3.4. Selectivity Test of the Developed LFIA System

A selectivity test was conducted to test whether the developed LFIA kit selectively detected PSA. AFP, which is one of the biomarkers of liver cancer, newborn calf serum (NCS), and PSA (100 ng/mL) were developed on separate strips (Figure 4a). The results showed that during PSA detection, both the test and control lines showed fluorescence, while only the control line showed fluorescence during AFP and NCS detection. To determine the accuracy of the analysis, the T/C values of each strip were calculated (Figure 4b) as follows: 1.033 (PSA), 0.026 (AFP), and 0.014 (NCS). This result shows that the developed LFIA kit can detect PSA selectively.

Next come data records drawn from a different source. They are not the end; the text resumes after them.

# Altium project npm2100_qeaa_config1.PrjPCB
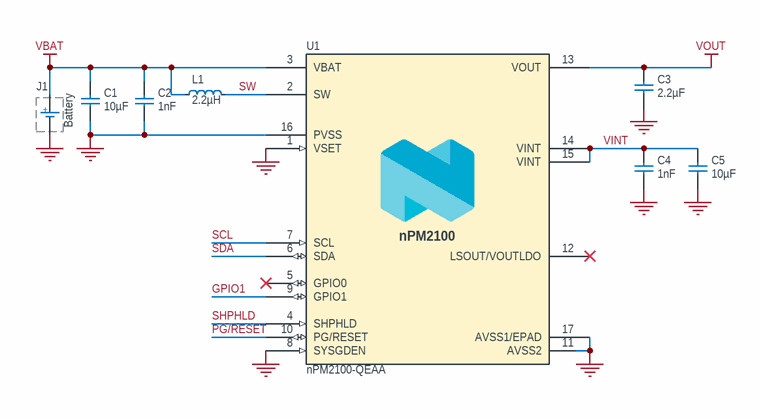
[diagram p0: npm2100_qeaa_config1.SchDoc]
1 sheet, 8 parts. Net scope: global (net labels, ports and power ports of the same name join across sheets).
Board file: npm2100_qeaa_config1.PcbDoc

## Sheet npm2100_qeaa_config1.SchDoc: nPM2100-QxAA Ref. Layout Config. 1
size A4; Revision: 0.2; SheetNumber: 1; SheetTotal: 1; DrawnBy: DABA; DocumentSize: A4; BoardTitle: nPM2100-QxAA Ref. Layout Config. 1; PCAName: nPM2100-QEAA; RefLayoutTitle: Reference Layout Config. 1: Simple; Device: nPM2100-QEAA; Classification: Public

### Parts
C1  10µF  [CAPC1005X04L_C2]
C2  1nF  [CAPC0603X03L_C]
C3  2.2µF  [CAPC1005X04L_C2]
C4  1nF  [CAPC0603X03L_C]
C5  10µF  [CAPC1005X04L_C2]
J1  Battery  [TP_2x1mm_TH]  (graphical)
L1  2.2µH  [INDC1608X06L_C2]
U1  nPM2100-QEAA  [QFN65P400X400X65_HS-17N]

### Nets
GND: C1.1 C2.1 C3.1 C4.1 C5.1 J1.1(GND) U1.1(VSET) U1.8(SYSGDEN) U1.11(AVSS2) U1.16(PVSS) U1.17(AVSS1/EPAD)
VBAT: C1.2 C2.2 J1.2(V+) L1.1 U1.3(VBAT)
VOUT: C3.2 U1.13(VOUT)
GPIO1: U1.9(GPIO1)
PG/RESET: U1.10(PG/RESET)
SCL: U1.7(SCL)
SDA: U1.6(SDA)
SHPHLD: U1.4(SHPHLD)
SW: L1.2 U1.2(SW)
VINT: C4.2 C5.2 U1.14(VINT) U1.15(VINT)

Not connected (* = marked no-connect by the designer): U1 5(GPIO0)* 12(LSOUT/VOUTLDO)*

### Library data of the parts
C1 C5 = C0402-10µ-6.3V-X5R-GRM155R60J106ME05D: Capacitor, X5R, ±20%, 6.3V; Manufacturer: Murata; Part number NEMS: 100200554; Component Status: Active; Pad Count: 2; Artikkelnr Noca: N.A.
C2 C4 = C0201-1n0-50V-X7R: Capacitor, X7R, ±10pF, 50V; Manufacturer: Murata; Manufacturer Part Number: GRM033R71H102KA12D; Part number NEMS: 100200404; Component Status: Active; Pad Count: 2; Artikkelnr Noca: N.A.
C3 = C0402-2µ2-6.3V-X5R-GRM155R60J225ME01D: Capacitor, X5R, ±20%, 6.3V; Manufacturer: Murata; Part number NEMS: 100200557; Component Status: Active; Pad Count: 2; Artikkelnr Noca: N.A.
J1 = Battery_TP: Manufacturer: N.A.; Part number NEMS: 101800006; Component Status: Active; Pad Count: 3
L1 = L0603-2µ2-1.8A-237mOhm-LSCNB1608HKT2R2MD: Unshielded Multilayer Inductor, 1.2A, ±20%, 137.5mOhm; Manufacturer: Taiyo Yuden; Part number NEMS: 100300450; Component Status: Active; Pad Count: 2; Note: -40°C ~ 125°C; Artikkelnr Noca: N.A.
U1 = nPM2100-QEAA: Boost converter companion PMIC for maximum energy extraction of primary (no-rechargeable) batteries; Manufacturer: Nordic Semiconductor; Part number NEMS: 102000298; Component Status: Active; Pad Count: 17; Note: N.A.
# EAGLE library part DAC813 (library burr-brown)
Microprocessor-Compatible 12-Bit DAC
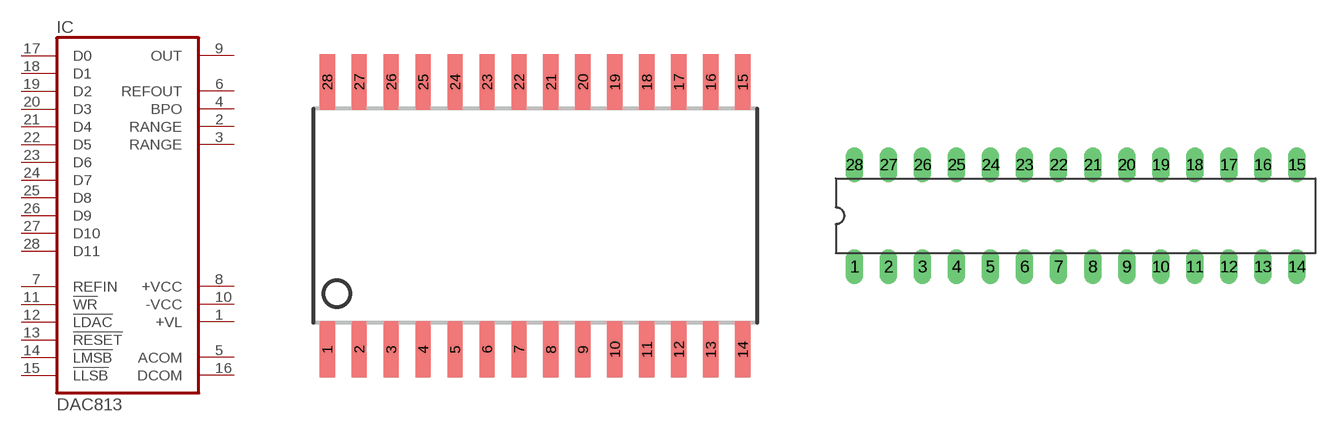
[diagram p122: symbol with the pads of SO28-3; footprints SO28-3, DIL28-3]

Designator prefix IC

## DAC813U (MF: TEXAS INSTRUMENTS; MPN: DAC813AU; OC_FARNELL: 1509910; OC_NEWARK: 74C9290)  [SO28-3]
1  +VL  pwr
2  RANGE  pas
3  RANGE  pas
4  BPO  pas
5  ACOM  pwr
6  REFOUT  out
7  REFIN  in
8  +VCC  pwr
9  OUT  out
10  -VCC  pwr
11  !WR  in
12  !LDAC  in
13  !RESET  in
14  !LMSB  in
15  !LLSB  in
16  DCOM  pwr
17  D0  in
18  D1  in
19  D2  in
20  D3  in
21  D4  in
22  D5  in
23  D6  in
24  D7  in
25  D8  in
26  D9  in
27  D10  in
28  D11  in

## DAC813P (MPN: DAC813JP; OC_FARNELL: 1295977; OC_NEWARK: 61M5756)  [DIL28-3]
Pads as for SO28-3

## Footprint SO28-3 (pad centres in mm)
Small Outline Package
smd 0.61 x 2.21: 1 -8.255,-5.315; 2 -6.985,-5.315; 3 -5.715,-5.315; 4 -4.445,-5.315; 5 -3.175,-5.315; 6 -1.905,-5.315; 7 -0.635,-5.315; 8 0.635,-5.315; 9 1.905,-5.315; 10 3.175,-5.315; 11 4.445,-5.315; 12 5.715,-5.315; 13 6.985,-5.315; 14 8.255,-5.315; 15 8.255,5.315; 16 6.985,5.315; 17 5.715,5.315; 18 4.445,5.315; 19 3.175,5.315; 20 1.905,5.315; 21 0.635,5.315; 22 -0.635,5.315; 23 -1.905,5.315; 24 -3.175,5.315; 25 -4.445,5.315; 26 -5.715,5.315; 27 -6.985,5.315; 28 -8.255,5.315

## Footprint DIL28-3 (pad centres in mm)
Dual In Line 0.3 inch
drill 0.813 long: 1 -16.51,-3.81; 2 -13.97,-3.81; 3 -11.43,-3.81; 4 -8.89,-3.81; 5 -6.35,-3.81; 6 -3.81,-3.81; 7 -1.27,-3.81; 8 1.27,-3.81; 9 3.81,-3.81; 10 6.35,-3.81; 11 8.89,-3.81; 12 11.43,-3.81; 13 13.97,-3.81; 14 16.51,-3.81; 15 16.51,3.81; 16 13.97,3.81; 17 11.43,3.81; 18 8.89,3.81; 19 6.35,3.81; 20 3.81,3.81; 21 1.27,3.81; 22 -1.27,3.81; 23 -3.81,3.81; 24 -6.35,3.81; 25 -8.89,3.81; 26 -11.43,3.81; 27 -13.97,3.81; 28 -16.51,3.81

3.5. Stability Test of the Developed LFIA System

Clinical sample no. 31 (PSA concentration = 4.557 ng/mL) was analyzed using an LFIA kit, and the strip that was used for this analysis was photographed every day for 10 d to examine its signal stability (Figure 5a). As shown in Figure 5a, fluorescence intensity was maintained even after 10 d because of a low photobleaching characteristic of QD. To determine the accuracy of the analysis, the T/C value of the strip was calculated and normalized (Figure 5b). The results showed that the T/C value was maintained even after 10 d, and the relative standard deviation (RSD) was 6.16%. Collectively, these findings suggest that the fluorescence intensity does not markedly decrease and is sufficiently maintained for a long time after the system is tested.

4. Conclusions

In the present study, we developed a highly sensitive LFIA kit for detecting PSA using QD2. This LFIA kit can be used only with a smartphone and software without additional equipment. The developed LFIA kit had a LOD of 0.138 ng/mL, indicating the high sensitivity of the kit. In addition, 47 human serum samples were analyzed using the LFIA kit, and the results showed that the kit could be applied to actual clinical samples. Serum samples that contained more than 2.5 ng/mL of PSA could be identified after calculating the T/C value using this system, and thus, potential patients who need additional medical checkups can be identified. Although there were some false-positive results with PSA concentration <2.5 ng/mL, no false-negative results were obtained. The AUC value was calculated as 0.852. In addition, only PSA was detected selectively using the developed LFIA kit, and AFP and NCS were not detected. Furthermore, the fluorescence intensity did not significantly decrease for 10 d after the examination of fluorescence detected on the strip. The LFIA PSA test strip for prostate cancer screening developed in this study provides results rapidly and is easy to use; thus, patients can easily self-diagnose the disease without using complicated equipment.